In the palliation group, 8 patients’ (14%) indication changed to TAVR, in line with a previous report3. In the B-SAVR group, only 3 patients (38%) proceeded to aortic valve replacement; 2 patients’ (25%) indication changed to TAVR after discussion in the Heart Team. Even these data are not surprising3.
Nowadays, exponential growth in TAVR demand could overwhelm the capacity of interventional hub centres, resulting in inadequate access to care and prolonged waiting list times compared to currently available resources. A clinical evaluation 1 month after discharge could be useful to assign a targeted priority queue after BAV. In the future, the best solution would reduce the time to intervention. This point could be addressed by switching high-risk patients, already excluded from surgical intervention, to TAVR in hospitals without an onsite cardiac surgery centre. In this new scenario, other therapeutic strategies, such as direct TAVR for selected patients in centres with onsite cardiac surgery, could further reduce the time to intervention and costs.

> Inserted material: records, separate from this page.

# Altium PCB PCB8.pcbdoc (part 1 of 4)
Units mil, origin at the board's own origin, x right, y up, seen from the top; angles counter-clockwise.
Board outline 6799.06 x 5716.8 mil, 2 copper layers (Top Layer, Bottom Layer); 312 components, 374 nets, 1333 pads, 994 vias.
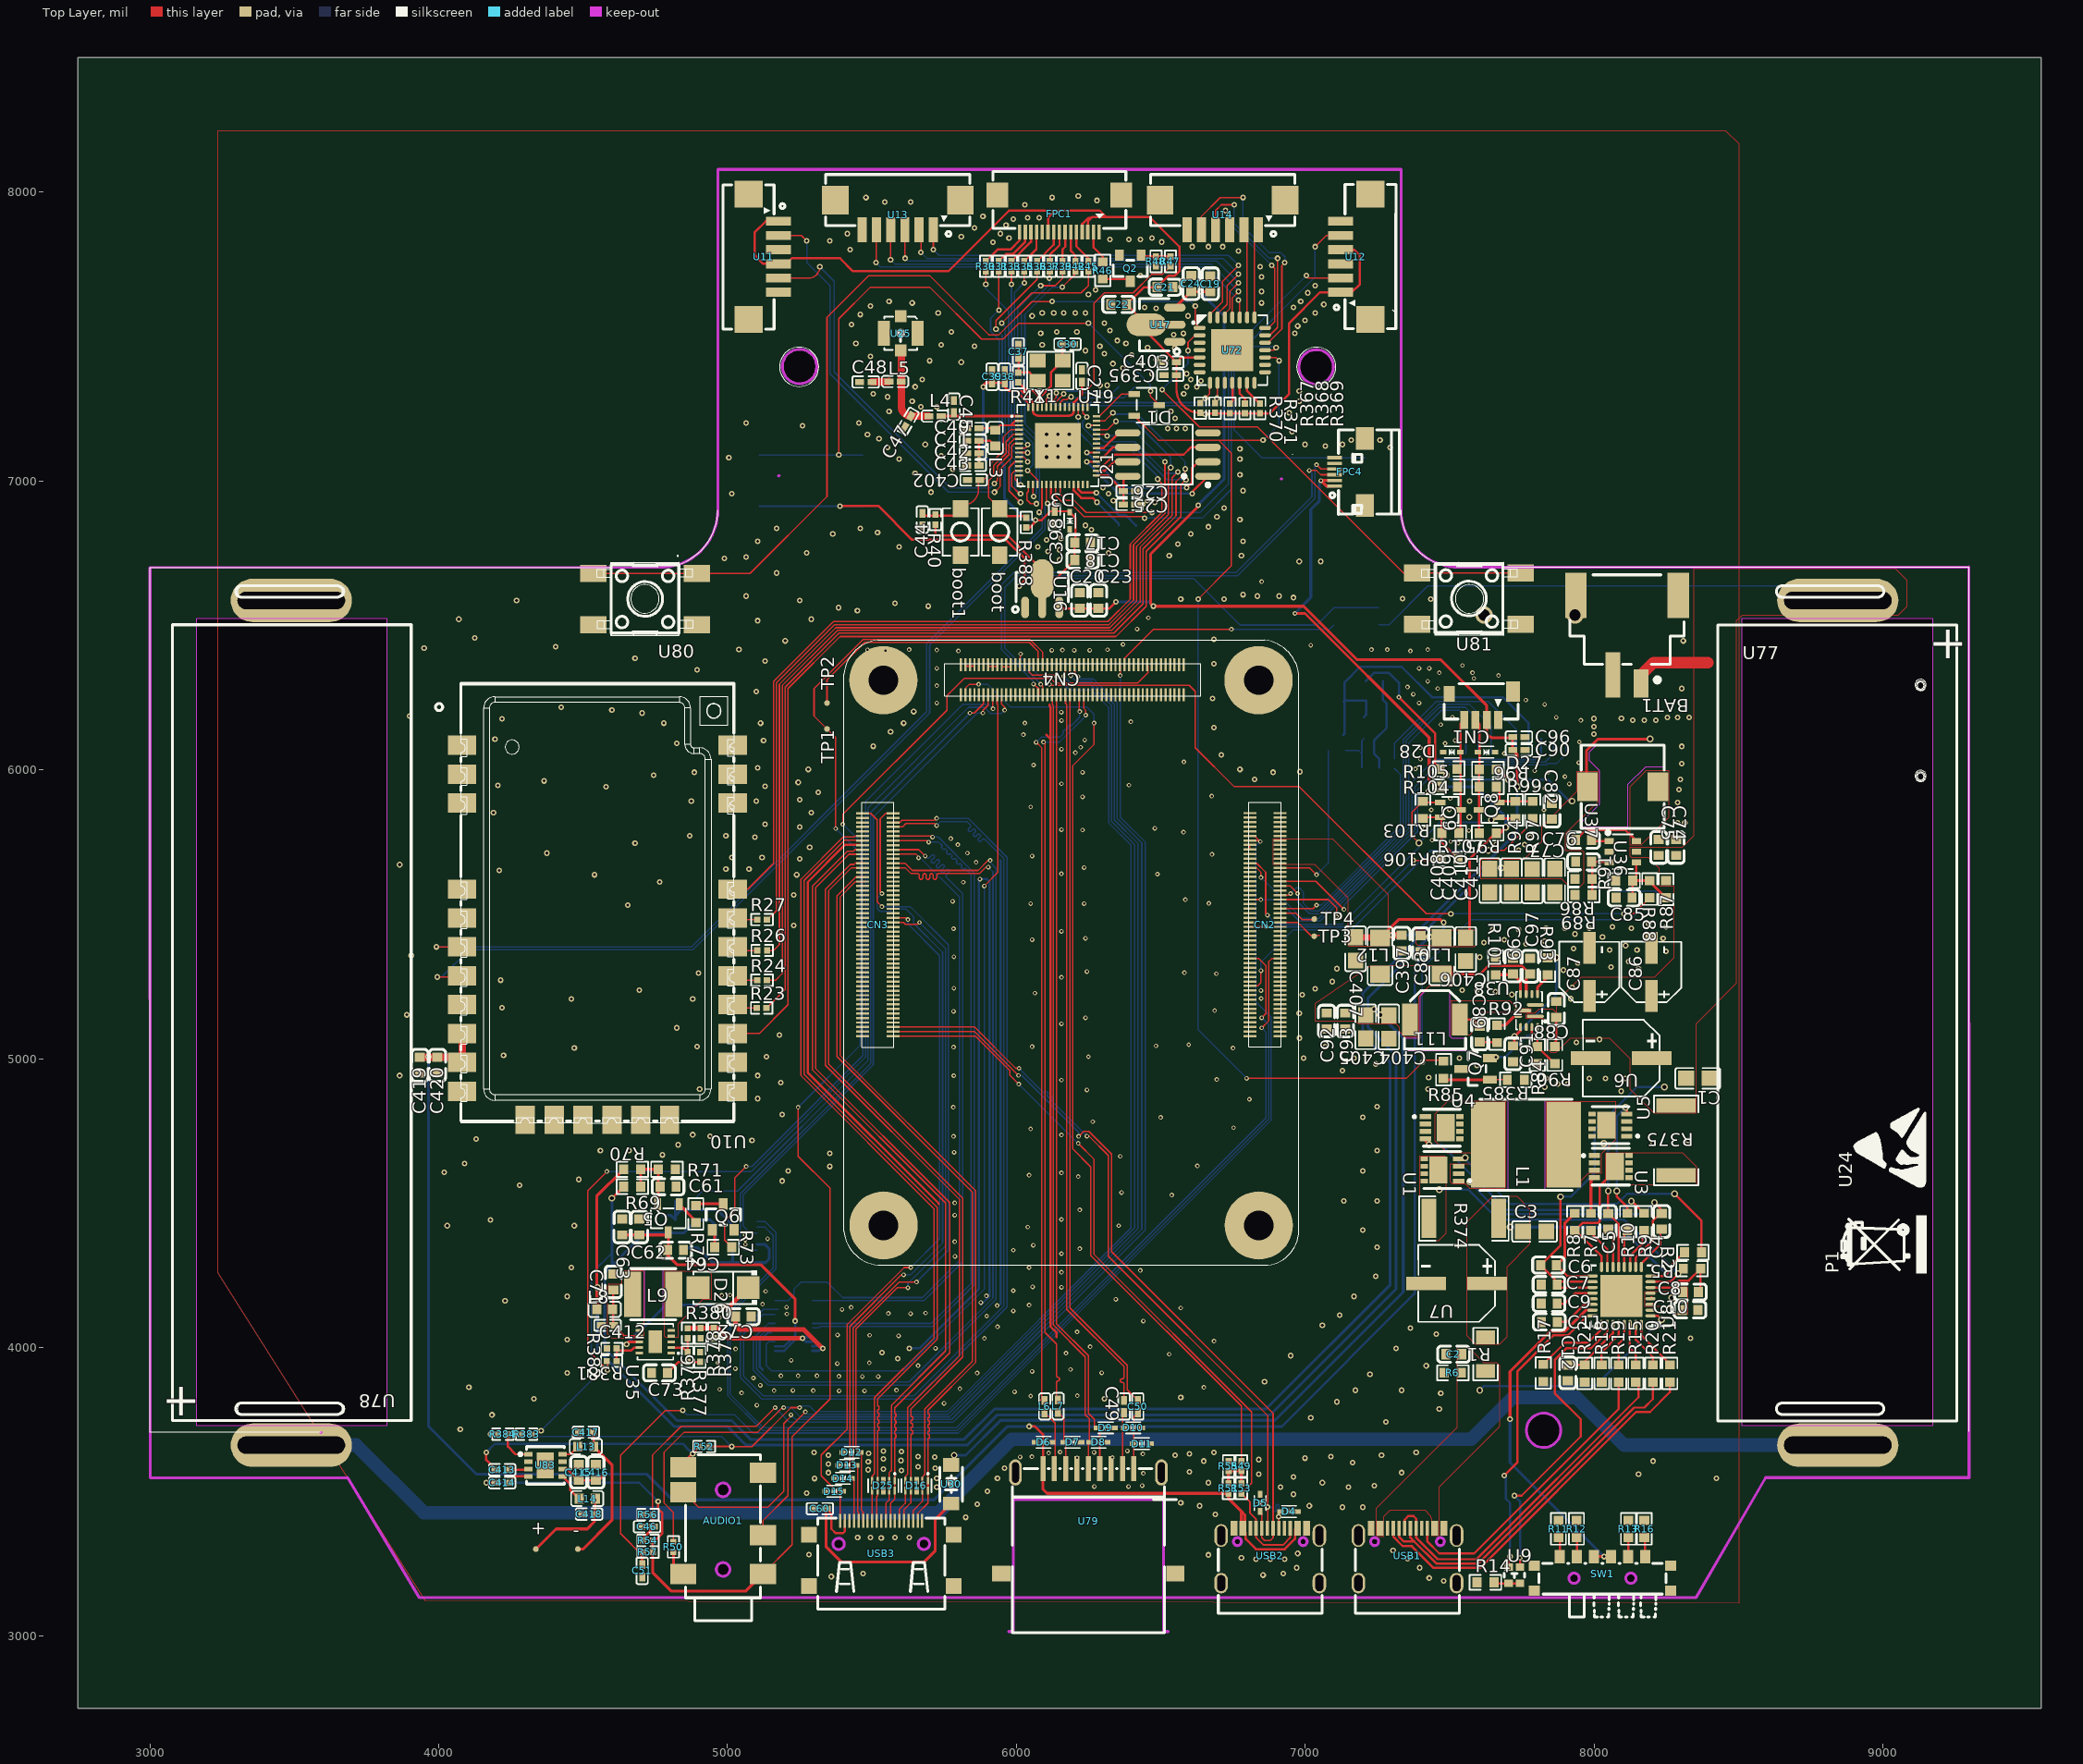
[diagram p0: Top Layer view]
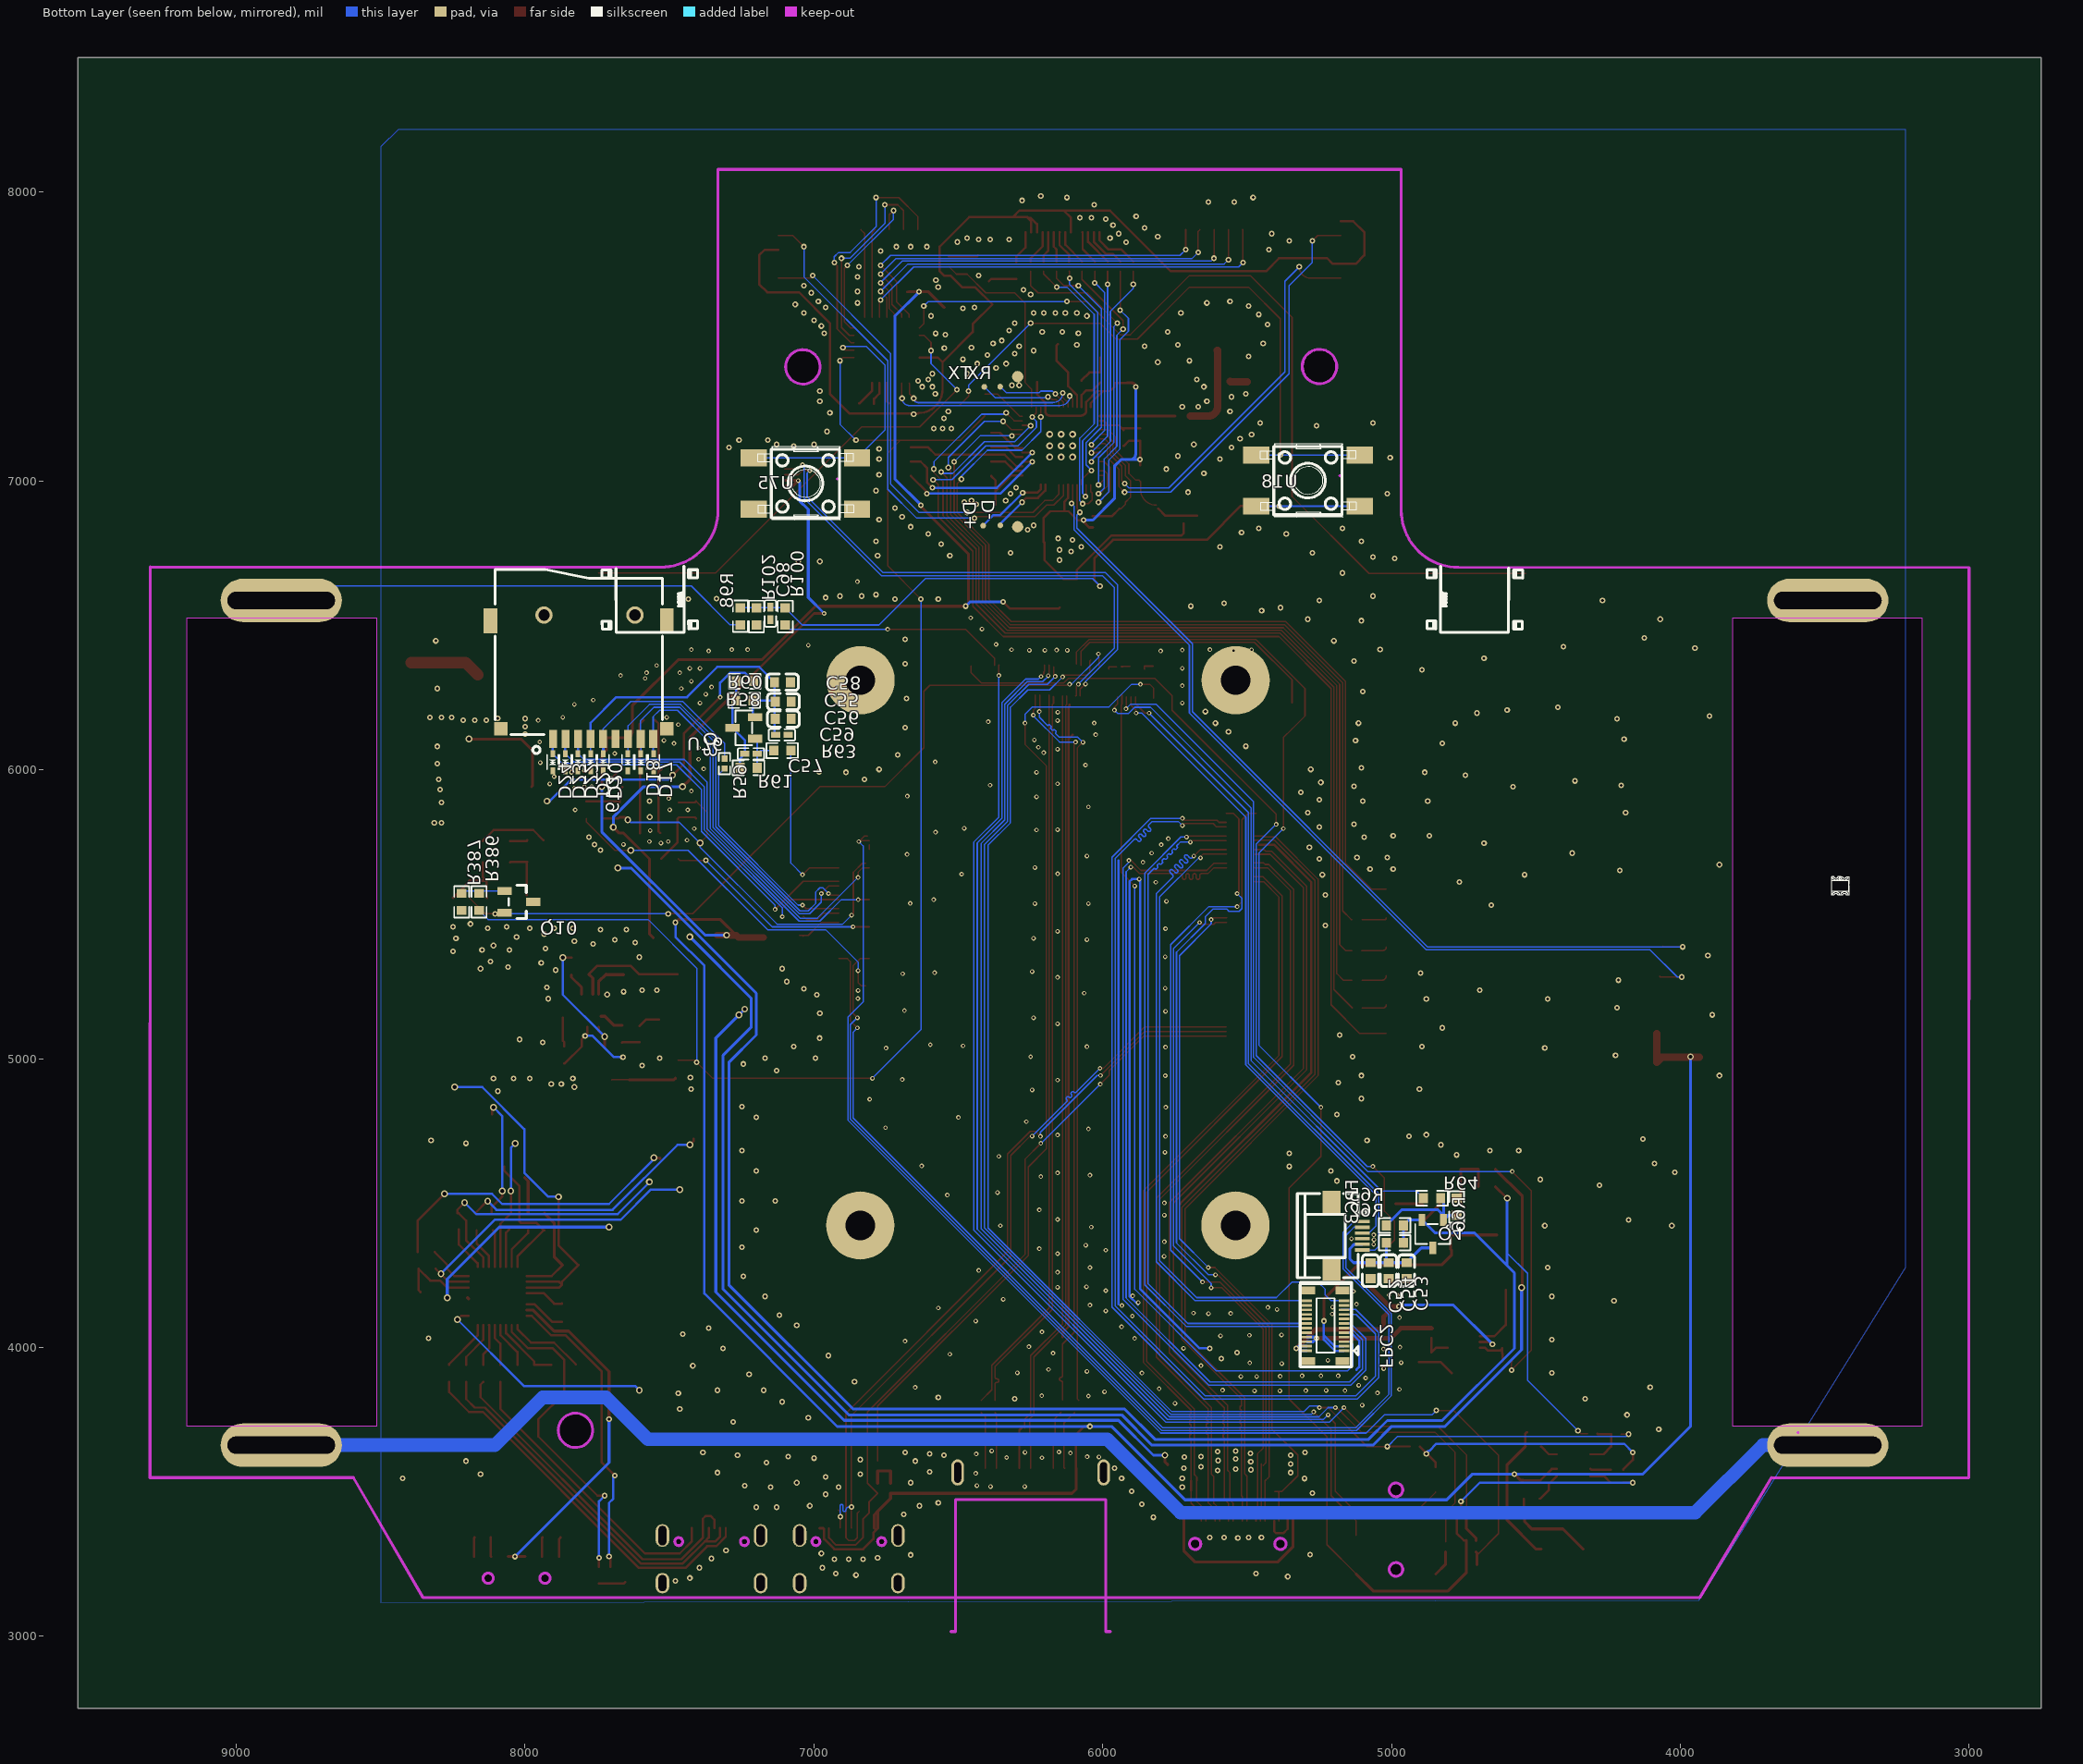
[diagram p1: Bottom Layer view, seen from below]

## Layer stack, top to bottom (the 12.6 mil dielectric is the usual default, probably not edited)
Top Layer: signal copper (thickness not stored)
Dielectric: dielectric 12.6, FR-4, Dk 4.8
Bottom Layer: signal copper (thickness not stored)

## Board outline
9549.06,2750 2750,2750 2750,8466.8 9549.06,8466.8
cut-out: 5309.02,7396.49 ccw(c5249.47,7396.49) 5189.91,7396.49 ccw(c5249.47,7396.49)
cut-out: 7097.89,7395.23 ccw(c7038.33,7395.03) 6978.78,7395.23 ccw(c7038.33,7395.44)
cut-out: 7885.29,3712.83 ccw(c7825.73,3712.63) 7766.18,3712.83 ccw(c7825.73,3713.03)
cut-out: 8513.52,6524.13 9172.18,6524.13 9172.18,3728.85 8513.52,3728.85
cut-out: 3161.75,6524.13 3820.41,6524.13 3820.41,3728.85 3161.75,3728.85

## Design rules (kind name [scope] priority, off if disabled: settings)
BoardOutlineClearance copperThickness1oz [All] p0: genericclearance=10 ignorepadtopadclearanceinfootprint=FALSE except(0: Arc-SplitContinuation Track-SplitContinuation SMDPad-SplitContinuation THPad-SplitContinuation Via-SplitContinuation Fill-SplitContinuation Poly-SplitContinuation Region-SplitContinuation Text-SplitContinuation; 6: Track-OutlineEdge SMDPad-OutlineEdge THPad-OutlineEdge Via-OutlineEdge Fill-OutlineEdge Region-OutlineEdge Poly-OutlineEdge Text-OutlineEdge Track-CutoutEdge SMDPad-CutoutEdge THPad-CutoutEdge Via-CutoutEdge Fill-CutoutEdge Region-CutoutEdge)
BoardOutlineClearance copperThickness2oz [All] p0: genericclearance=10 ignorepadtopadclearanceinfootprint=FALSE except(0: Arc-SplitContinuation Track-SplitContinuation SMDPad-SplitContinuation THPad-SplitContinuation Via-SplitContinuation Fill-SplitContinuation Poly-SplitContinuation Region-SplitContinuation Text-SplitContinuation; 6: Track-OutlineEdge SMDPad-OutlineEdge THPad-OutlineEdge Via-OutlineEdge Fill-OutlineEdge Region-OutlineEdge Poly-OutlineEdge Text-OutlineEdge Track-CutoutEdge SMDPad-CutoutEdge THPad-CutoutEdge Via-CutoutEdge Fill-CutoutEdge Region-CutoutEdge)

Figure 5. Actual intervention based on the initial indication group. B-SAVR: bridge to surgical aortic valve replacement; B-TAVR: bridge to transcatheter aortic valve replacement; SAVR: surgical aortic valve replacement; TAVR: transcatheter aortic valve replacement
Limitations
Data were collected retrospectively. It has therefore not been possible to identify if 16 patients might have undergone subsequent TAVR or SAVR in a different city or country.
Conclusions
The emerging indication for TAVR in high-risk patients has led to increasing BAV numbers. BAV is a safe and effective procedure that can be performed by trained operators in high-volume centres without onsite cardiac surgery. A minimalistic approach could reduce periprocedural complications. Despite its safety, long-term clinical outcomes remain disappointing, and a definitive treatment solution must be found without delay.
Impact on daily practice
A minimalistic aortic valvuloplasty strategy, reducing periprocedural complications, may facilitate an increase in balloon aortic valvuloplasty (BAV) procedures for symptomatic patients with severe aortic stenosis even in centres without cardiac surgery.
This strategy can promptly relieve patient symptoms until definitive treatment is possible.
Conflict of interest statement
The authors have no conflicts of interest to declare.